My data looks like this:
我的数据如下所示:
CHROM Mutant_SNP_2
3RD T
4RD C
5RD
6RD G
7RD A
8RD
I have a CSV dataframe. I want a count from column "Mutant_SNP_2" of how many rows have an entry and therefore don't want a count of any blanks " ". I am separating it out by column "CHROM". I am getting the right output in terms of layout using this code in dplyr
: count(combined, Mutant_SNP_2, wt = CHROM, sort = FALSE)
however it is only counting the blank rows rather than those with a value. Any idea much appreciated. The output I get:
我有一个CSV数据帧。

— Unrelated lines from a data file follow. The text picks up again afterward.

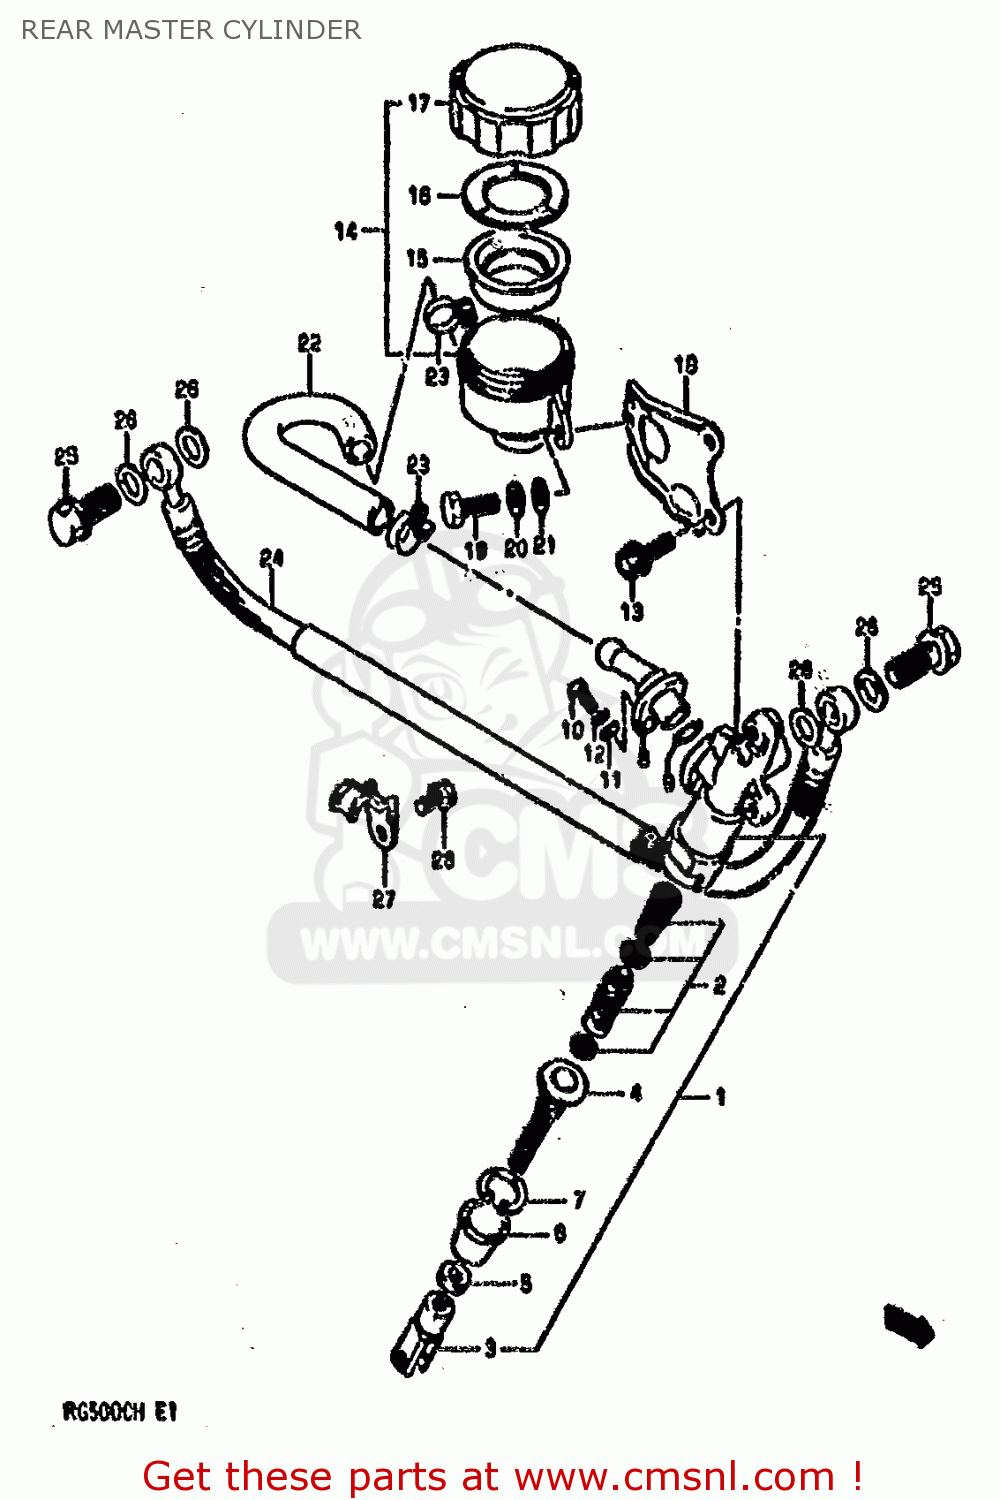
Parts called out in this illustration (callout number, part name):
1	CYLINDER ASSY,REAR MASTER
2	PISTON/CUP SET
3	YOKE
4	ROD,PUSH
5	NUT,MASTER CYLINDER
6	BOOT
7	CIRCLIP
8	CONNECTOR
9	O RING
10	SCREW
11	WASHER
12	LOCK WASHER
13	PLUG ,6X20
14	TANK ASSY,RESERVOIR
15	DIAPHRAGM
16	PLATE,DIAPHRAGM
17	CAP
18	PLATE RESERVOIR TANK
19	BOLT
20	WASHER,LOCK
21	WASHER
22	HOSE,RESERVOIR TANK
23	CLAMP
24	HOSE,REAR BRAKE
25	BOLT UNION
26	WASHER(10X15X1.5)
27	CLAMP,REAR BRAKE HOSE
28	BOLT

我想从列“Mutant_SNP_2”中计算有多少行有一个条目,因此不希望计算任何空白“”。我将其列为“CHROM”列。我在dplyr中使用此代码得到了正确的布局输出:count(合并,Mutant_SNP_2,wt = CHROM,sort = FALSE)但是它只计算空白行而不是具有值的行。任何想法都非常感激。我得到的输出:
Mutant_SNP_2 CHROM.x n
(fctr) (fctr) (int)
1 gi|339957448|gb|AENI01001139.1| 23
2 gi|339957449|gb|AENI01001138.1| 9
3 gi|339957451|gb|AENI01001136.1| 97
4 gi|339957452|gb|AENI01001135.1| 116
5 gi|339957453|gb|AENI01001134.1| 175
6 gi|339957454|gb|AENI01001133.1| 2
7 gi|339957455|gb|AENI01001132.1| 78
8 gi|339957456|gb|AENI01001131.1| 51
9 gi|339957457|gb|AENI01001130.1| 2
10 gi|339957458|gb|AENI01001129.1| 52
.. ... ... ...
4 个解决方案
#1
3
You can try with function table
, the line with TRUE
will give you the number of not blank value, by CHROM
value) :
您可以尝试使用功能表,使用TRUE的行将为您提供非空白值的数量,按CHROM值):
table(df$Mutant_SNP_2!="", df$CHROM)
You can get the result directly with table(df$Mutant_SNP_2!="", df$CHROM)[2, ]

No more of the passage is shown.